In 2005, the agency unveiled an “empirical” case definition that recommended specific screening questionnaires and cutoff scores for measuring fatigue, physical dysfunction and other symptoms. Critics challenged these newer guidelines on the same grounds as the Oxford criteria, arguing that the questionnaires and scoring methods were too ambiguous.
In contrast, a 2003 case definition from Canada is considered the most restrictive and is preferred by many patients. It elevates postexertional malaise to a central role in the illness and requires a range of neurological, cognitive, endocrine or immunological symptoms. In 2009, researchers from DePaul University in Chicago reported that 38 percent of patients in a study sample suffering from depression alone were given misdiagnoses of chronic fatigue syndrome using the C.D.C. screening tools but not the narrower Canadian definition.

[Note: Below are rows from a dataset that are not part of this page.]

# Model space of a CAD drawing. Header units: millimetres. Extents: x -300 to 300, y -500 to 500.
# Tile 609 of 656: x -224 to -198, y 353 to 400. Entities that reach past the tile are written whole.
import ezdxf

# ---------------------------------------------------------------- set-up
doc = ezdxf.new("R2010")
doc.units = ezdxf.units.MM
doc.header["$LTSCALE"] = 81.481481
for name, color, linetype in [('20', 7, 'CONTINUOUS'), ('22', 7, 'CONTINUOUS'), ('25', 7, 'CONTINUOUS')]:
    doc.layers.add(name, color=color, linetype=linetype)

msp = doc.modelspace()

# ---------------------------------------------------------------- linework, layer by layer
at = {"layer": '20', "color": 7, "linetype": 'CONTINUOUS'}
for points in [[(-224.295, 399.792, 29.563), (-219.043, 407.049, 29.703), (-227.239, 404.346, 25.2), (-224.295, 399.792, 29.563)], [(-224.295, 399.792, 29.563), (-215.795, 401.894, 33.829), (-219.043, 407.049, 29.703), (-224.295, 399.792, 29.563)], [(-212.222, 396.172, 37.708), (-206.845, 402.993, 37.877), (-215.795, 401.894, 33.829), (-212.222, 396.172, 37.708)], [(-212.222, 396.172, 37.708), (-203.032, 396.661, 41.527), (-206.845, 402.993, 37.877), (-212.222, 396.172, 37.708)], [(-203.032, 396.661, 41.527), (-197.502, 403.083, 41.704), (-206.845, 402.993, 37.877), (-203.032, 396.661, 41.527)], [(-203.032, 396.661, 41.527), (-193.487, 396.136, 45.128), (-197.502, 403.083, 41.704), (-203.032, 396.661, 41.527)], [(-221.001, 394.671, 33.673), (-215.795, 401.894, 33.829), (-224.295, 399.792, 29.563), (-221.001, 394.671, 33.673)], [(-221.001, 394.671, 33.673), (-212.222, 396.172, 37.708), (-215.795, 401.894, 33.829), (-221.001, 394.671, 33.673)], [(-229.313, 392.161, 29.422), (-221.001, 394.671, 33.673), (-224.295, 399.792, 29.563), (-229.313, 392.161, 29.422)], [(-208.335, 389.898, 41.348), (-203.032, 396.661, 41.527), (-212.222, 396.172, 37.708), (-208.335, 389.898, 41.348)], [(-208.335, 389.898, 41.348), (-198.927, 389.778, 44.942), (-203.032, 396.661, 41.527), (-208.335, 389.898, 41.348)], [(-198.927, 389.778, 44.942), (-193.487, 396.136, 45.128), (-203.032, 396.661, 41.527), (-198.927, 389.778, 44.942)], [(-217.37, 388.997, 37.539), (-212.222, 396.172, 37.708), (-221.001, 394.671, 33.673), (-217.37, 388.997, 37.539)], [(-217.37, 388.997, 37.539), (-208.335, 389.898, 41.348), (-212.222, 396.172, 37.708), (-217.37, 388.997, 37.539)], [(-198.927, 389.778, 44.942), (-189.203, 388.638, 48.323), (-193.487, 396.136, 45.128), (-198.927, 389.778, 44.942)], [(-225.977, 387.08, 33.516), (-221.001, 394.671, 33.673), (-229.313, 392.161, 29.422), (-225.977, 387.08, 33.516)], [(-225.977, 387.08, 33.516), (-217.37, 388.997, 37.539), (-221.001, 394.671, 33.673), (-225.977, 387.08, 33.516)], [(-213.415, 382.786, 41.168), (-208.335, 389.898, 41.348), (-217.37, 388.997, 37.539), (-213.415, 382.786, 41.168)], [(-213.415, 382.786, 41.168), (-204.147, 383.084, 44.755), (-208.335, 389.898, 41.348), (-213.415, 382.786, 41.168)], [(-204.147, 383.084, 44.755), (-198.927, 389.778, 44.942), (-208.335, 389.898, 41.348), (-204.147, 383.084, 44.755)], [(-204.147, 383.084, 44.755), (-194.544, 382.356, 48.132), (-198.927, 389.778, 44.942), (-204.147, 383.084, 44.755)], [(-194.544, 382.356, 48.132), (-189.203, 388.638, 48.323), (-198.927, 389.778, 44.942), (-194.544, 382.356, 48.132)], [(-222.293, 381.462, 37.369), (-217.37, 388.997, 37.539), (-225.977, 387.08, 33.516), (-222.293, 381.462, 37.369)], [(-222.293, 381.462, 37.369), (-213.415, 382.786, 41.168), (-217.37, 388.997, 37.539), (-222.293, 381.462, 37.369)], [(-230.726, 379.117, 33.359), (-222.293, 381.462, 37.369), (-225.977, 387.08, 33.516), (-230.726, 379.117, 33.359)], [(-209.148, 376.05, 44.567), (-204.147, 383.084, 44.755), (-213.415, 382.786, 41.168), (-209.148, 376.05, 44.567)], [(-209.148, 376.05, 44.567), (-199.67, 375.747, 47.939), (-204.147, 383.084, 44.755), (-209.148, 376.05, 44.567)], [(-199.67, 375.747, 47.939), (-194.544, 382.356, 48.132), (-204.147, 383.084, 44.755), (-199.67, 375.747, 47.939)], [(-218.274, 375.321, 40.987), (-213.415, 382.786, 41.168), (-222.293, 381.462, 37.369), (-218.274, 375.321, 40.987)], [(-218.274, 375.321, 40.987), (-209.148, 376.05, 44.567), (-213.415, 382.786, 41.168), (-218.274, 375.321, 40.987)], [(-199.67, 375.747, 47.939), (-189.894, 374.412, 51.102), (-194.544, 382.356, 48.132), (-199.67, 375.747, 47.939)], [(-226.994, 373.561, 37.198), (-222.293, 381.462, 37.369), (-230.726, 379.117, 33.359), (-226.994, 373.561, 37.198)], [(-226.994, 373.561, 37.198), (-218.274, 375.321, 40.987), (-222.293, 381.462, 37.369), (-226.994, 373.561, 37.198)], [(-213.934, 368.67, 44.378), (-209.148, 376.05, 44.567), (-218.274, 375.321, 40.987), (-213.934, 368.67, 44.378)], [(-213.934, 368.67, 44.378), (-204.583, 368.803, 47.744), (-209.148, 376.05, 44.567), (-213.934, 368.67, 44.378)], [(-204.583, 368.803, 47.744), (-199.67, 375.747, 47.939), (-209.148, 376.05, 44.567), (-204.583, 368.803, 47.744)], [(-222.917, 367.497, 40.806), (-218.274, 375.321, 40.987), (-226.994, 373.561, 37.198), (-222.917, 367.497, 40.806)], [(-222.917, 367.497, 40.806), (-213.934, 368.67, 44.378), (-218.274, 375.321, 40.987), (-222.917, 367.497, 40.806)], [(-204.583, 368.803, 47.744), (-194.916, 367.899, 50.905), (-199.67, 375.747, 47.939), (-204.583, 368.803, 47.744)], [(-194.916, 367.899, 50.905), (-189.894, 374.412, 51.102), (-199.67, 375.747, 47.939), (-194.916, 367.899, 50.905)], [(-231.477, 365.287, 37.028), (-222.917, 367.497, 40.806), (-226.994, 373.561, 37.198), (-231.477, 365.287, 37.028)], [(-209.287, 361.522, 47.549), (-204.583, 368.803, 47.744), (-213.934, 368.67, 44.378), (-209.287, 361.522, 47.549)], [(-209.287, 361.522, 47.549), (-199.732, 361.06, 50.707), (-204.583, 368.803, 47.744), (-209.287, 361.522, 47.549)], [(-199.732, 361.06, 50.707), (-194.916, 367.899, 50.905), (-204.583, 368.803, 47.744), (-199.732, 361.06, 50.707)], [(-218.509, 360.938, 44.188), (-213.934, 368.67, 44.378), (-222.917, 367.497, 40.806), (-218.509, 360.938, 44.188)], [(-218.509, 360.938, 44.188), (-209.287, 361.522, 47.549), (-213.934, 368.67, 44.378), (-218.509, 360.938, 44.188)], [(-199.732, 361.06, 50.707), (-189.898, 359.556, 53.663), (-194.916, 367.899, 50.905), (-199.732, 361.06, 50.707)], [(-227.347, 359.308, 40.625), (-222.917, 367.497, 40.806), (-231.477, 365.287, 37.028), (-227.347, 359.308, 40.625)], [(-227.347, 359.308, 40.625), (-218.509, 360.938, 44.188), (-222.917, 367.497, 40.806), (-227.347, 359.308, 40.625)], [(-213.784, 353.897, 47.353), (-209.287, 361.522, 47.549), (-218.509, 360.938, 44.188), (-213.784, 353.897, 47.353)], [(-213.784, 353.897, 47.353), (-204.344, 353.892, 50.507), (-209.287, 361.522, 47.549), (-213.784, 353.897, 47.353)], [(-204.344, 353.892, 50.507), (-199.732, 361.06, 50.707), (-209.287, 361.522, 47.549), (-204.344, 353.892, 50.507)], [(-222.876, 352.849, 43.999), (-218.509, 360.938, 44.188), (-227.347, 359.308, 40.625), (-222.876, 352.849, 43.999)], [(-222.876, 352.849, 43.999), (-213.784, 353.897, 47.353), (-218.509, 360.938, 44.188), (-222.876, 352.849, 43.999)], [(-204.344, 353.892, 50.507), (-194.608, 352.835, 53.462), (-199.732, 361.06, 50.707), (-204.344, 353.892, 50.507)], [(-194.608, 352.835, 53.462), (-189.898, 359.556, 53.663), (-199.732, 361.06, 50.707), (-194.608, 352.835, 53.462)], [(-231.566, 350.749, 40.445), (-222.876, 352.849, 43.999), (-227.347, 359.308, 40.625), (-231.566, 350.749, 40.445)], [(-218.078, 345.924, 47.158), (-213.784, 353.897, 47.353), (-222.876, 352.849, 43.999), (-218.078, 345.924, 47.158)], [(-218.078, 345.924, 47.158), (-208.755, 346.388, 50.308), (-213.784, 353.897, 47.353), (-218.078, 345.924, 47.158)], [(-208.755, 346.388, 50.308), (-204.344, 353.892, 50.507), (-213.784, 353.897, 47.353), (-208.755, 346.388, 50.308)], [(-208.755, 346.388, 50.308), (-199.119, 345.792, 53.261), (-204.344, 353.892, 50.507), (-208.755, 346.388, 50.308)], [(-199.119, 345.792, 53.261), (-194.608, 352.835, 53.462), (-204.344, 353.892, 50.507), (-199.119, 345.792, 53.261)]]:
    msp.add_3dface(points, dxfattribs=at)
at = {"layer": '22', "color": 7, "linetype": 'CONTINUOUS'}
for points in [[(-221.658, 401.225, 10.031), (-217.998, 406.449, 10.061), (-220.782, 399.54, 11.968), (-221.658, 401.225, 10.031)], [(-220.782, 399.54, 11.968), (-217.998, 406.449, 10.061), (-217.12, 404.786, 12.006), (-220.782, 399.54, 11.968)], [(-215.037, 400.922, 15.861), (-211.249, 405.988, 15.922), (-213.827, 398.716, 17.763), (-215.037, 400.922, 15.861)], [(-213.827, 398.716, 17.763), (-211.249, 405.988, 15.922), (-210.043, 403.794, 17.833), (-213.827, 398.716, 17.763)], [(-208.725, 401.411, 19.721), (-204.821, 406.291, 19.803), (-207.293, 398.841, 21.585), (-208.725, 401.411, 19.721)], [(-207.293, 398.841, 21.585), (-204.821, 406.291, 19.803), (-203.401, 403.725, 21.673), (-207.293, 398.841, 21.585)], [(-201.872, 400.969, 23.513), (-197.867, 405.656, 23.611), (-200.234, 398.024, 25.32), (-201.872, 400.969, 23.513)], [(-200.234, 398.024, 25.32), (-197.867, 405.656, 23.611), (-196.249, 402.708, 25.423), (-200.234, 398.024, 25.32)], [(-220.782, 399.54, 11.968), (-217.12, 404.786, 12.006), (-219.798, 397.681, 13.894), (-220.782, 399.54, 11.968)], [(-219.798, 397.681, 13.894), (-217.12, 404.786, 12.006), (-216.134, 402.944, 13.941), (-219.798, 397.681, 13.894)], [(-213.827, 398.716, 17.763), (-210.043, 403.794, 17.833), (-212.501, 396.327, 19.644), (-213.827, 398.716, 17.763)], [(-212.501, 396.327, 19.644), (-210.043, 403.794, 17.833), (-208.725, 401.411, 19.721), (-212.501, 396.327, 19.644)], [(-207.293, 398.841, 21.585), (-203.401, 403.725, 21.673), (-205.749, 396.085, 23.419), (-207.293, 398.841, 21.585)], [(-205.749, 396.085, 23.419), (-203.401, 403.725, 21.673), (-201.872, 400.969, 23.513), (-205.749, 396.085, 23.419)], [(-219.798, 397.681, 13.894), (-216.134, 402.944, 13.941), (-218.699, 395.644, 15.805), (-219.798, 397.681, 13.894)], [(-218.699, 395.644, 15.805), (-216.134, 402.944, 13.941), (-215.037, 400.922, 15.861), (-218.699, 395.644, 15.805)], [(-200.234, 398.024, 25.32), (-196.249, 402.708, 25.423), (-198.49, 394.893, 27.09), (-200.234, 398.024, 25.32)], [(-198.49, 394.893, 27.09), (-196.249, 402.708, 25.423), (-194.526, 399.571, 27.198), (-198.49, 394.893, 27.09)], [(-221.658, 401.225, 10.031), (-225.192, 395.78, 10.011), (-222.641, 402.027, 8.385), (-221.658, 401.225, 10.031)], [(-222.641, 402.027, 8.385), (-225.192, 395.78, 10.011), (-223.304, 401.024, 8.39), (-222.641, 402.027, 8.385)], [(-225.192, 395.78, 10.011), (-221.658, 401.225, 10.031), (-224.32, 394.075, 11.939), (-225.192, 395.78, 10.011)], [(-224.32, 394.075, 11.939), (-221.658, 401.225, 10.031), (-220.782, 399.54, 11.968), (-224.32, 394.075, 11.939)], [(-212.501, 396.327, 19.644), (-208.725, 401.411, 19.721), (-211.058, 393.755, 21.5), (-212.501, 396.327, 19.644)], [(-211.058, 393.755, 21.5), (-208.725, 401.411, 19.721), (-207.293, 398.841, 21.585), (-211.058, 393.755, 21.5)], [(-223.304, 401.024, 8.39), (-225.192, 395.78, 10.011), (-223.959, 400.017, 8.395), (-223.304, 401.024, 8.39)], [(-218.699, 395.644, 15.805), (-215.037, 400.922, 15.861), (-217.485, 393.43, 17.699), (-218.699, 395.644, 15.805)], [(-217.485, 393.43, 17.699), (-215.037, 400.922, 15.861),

The study suggests that the disease centers’ “empirical case definition has broadened the criteria such that some individuals with a purely psychiatric illness will be inappropriately diagnosed” with chronic fatigue syndrome, wrote Leonard A. Jason, a professor of community psychology at DePaul, and his colleagues. The authors also noted that using the new screening tools, the C.D.C. had greatly increased its estimate of the prevalence of the illness, to 2.5 percent of the population, or four million Americans.
So the question remains: can therapy and exercise help patients with chronic fatigue syndrome, as the Lancet study reported?
Yes, apparently — if the illness is identified with a case definition relying on fatigue alone. But does the evidence from that study prove that these strategies would help patients identified as having chronic fatigue syndrome through very different criteria? That is a much tougher argument to make.